**WHAT YOU ARE ASKED TO DO**
Whenever a line below includes the string "name", show it.

**SUPPLIED ENTRIES**
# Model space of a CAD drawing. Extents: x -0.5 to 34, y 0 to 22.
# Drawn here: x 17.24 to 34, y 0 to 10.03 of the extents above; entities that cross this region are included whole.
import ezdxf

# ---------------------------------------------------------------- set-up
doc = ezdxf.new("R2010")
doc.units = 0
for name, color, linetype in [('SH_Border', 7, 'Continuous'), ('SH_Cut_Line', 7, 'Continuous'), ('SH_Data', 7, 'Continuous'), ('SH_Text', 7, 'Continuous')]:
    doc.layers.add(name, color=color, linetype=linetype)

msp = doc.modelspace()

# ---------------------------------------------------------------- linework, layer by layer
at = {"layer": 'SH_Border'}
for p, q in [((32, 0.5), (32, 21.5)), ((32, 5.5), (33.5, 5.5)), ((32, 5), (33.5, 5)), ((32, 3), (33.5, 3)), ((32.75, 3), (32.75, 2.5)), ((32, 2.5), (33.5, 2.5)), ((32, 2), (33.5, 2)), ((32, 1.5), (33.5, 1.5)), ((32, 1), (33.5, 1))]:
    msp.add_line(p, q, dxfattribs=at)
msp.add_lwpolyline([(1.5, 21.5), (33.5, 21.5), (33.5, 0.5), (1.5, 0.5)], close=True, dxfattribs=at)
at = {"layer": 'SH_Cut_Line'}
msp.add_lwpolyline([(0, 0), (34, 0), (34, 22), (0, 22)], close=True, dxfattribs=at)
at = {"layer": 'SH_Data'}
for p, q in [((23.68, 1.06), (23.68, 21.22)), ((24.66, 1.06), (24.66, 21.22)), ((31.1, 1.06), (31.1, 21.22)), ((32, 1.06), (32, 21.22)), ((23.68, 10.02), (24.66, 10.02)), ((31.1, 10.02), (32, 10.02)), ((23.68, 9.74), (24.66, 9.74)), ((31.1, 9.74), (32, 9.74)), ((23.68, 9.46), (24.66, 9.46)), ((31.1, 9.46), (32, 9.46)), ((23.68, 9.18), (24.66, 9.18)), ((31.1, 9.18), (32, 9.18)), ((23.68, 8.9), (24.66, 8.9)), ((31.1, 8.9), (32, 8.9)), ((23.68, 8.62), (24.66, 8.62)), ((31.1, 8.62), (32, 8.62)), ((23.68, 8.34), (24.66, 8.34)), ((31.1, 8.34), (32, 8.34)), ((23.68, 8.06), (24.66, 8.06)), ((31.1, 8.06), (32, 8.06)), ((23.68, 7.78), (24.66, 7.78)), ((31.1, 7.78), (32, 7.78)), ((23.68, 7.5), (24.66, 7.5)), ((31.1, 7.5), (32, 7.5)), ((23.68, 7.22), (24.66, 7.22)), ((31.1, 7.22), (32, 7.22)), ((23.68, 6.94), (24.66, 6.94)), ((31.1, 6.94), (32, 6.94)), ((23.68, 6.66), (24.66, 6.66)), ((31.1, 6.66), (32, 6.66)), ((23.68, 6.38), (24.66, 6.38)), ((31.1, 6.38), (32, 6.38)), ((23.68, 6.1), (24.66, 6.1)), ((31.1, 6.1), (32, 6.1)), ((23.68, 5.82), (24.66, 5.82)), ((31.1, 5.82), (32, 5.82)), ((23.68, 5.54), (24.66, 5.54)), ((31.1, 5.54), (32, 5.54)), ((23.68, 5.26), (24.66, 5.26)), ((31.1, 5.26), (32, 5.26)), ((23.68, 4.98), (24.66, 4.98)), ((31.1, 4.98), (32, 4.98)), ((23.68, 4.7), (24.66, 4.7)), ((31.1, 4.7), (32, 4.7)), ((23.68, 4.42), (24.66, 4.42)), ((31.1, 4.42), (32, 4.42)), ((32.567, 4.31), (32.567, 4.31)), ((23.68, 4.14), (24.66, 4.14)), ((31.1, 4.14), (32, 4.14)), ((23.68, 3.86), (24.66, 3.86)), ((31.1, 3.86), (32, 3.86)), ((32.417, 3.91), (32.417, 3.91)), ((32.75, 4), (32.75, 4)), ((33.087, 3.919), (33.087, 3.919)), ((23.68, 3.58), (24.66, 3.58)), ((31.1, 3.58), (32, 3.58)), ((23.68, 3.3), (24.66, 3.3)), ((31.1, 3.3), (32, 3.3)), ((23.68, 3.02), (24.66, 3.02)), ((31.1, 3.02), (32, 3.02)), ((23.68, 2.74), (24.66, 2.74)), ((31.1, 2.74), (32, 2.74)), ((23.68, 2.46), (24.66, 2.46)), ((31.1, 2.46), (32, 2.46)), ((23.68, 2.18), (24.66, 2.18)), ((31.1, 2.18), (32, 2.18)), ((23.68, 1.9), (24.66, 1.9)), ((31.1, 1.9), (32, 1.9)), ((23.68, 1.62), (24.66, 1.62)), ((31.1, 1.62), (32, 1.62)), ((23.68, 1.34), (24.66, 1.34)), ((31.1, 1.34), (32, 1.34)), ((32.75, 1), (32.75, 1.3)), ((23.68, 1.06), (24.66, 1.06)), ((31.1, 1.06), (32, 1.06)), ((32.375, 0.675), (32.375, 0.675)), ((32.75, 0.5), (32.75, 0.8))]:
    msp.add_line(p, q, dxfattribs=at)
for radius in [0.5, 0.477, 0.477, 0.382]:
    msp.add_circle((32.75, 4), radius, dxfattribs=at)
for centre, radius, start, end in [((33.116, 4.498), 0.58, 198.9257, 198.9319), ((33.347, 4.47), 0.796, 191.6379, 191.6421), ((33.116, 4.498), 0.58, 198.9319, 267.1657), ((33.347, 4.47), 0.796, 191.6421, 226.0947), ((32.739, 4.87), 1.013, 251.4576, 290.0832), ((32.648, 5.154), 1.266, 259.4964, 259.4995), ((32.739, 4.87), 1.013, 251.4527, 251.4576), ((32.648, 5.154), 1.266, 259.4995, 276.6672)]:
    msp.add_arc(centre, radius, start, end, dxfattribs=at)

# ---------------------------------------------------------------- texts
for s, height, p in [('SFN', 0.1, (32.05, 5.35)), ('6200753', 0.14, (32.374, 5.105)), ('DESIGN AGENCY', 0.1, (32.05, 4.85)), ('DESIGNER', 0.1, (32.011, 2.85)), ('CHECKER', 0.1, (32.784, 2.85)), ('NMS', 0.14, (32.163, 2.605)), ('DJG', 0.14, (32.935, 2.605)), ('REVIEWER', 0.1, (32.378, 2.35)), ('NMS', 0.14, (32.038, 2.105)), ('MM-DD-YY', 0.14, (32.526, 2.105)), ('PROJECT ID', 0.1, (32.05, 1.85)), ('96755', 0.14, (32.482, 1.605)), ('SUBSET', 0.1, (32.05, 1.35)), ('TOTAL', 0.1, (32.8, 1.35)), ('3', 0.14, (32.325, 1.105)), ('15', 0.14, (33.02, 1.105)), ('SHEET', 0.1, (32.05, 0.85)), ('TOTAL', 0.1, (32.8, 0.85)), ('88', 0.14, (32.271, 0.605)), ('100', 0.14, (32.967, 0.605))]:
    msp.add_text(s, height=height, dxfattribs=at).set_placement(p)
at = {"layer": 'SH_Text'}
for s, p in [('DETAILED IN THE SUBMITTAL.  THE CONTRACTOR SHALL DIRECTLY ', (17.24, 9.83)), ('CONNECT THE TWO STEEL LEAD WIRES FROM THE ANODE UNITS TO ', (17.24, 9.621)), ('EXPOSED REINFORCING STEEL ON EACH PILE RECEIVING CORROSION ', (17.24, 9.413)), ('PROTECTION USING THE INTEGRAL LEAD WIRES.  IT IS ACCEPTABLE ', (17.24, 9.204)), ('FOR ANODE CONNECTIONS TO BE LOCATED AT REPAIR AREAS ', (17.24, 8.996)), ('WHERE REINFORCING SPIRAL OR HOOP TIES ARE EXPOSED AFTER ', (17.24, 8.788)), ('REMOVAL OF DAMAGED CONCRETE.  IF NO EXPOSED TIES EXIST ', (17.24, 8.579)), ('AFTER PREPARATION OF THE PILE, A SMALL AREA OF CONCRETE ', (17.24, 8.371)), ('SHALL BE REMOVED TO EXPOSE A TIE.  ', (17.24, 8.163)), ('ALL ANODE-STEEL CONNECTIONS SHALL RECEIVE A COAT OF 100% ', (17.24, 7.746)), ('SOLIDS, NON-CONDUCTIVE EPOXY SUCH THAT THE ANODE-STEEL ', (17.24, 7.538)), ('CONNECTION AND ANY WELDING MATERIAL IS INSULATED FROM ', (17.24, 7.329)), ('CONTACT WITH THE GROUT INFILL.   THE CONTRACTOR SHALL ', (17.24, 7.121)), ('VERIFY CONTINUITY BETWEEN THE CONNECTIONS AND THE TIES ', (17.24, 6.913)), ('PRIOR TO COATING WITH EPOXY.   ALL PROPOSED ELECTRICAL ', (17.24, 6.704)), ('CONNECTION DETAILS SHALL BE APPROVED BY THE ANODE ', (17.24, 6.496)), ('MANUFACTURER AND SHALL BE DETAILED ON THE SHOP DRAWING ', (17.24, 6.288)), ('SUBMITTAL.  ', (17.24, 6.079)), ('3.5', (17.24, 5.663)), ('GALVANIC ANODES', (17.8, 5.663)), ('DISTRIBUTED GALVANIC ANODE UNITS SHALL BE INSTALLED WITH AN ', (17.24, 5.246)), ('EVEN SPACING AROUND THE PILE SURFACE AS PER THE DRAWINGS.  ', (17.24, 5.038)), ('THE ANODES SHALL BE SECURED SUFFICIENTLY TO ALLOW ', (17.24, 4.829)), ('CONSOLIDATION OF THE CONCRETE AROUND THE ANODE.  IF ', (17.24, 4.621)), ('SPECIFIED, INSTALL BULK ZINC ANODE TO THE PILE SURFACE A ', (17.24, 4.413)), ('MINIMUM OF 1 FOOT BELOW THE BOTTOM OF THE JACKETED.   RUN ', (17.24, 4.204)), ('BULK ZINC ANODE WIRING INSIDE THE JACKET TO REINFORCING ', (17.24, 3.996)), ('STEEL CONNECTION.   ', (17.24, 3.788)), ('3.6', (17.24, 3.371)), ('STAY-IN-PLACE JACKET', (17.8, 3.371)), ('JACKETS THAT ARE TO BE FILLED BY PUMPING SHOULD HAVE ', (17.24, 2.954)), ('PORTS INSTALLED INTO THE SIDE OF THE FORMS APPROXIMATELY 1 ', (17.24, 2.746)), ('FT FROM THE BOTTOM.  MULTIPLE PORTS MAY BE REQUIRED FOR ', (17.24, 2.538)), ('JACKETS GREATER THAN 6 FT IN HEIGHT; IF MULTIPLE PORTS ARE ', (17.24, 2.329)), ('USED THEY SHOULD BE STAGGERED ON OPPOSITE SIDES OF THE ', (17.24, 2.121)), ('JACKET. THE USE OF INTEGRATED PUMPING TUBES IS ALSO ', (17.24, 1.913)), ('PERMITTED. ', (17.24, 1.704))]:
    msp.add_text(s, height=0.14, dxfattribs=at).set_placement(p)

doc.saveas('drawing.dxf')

**RESULT FOR THIS TASK**
for name, color, linetype in [('SH_Border', 7, 'Continuous'), ('SH_Cut_Line', 7, 'Continuous'), ('SH_Data', 7, 'Continuous'), ('SH_Text', 7, 'Continuous')]:
    doc.layers.add(name, color=color, linetype=linetype)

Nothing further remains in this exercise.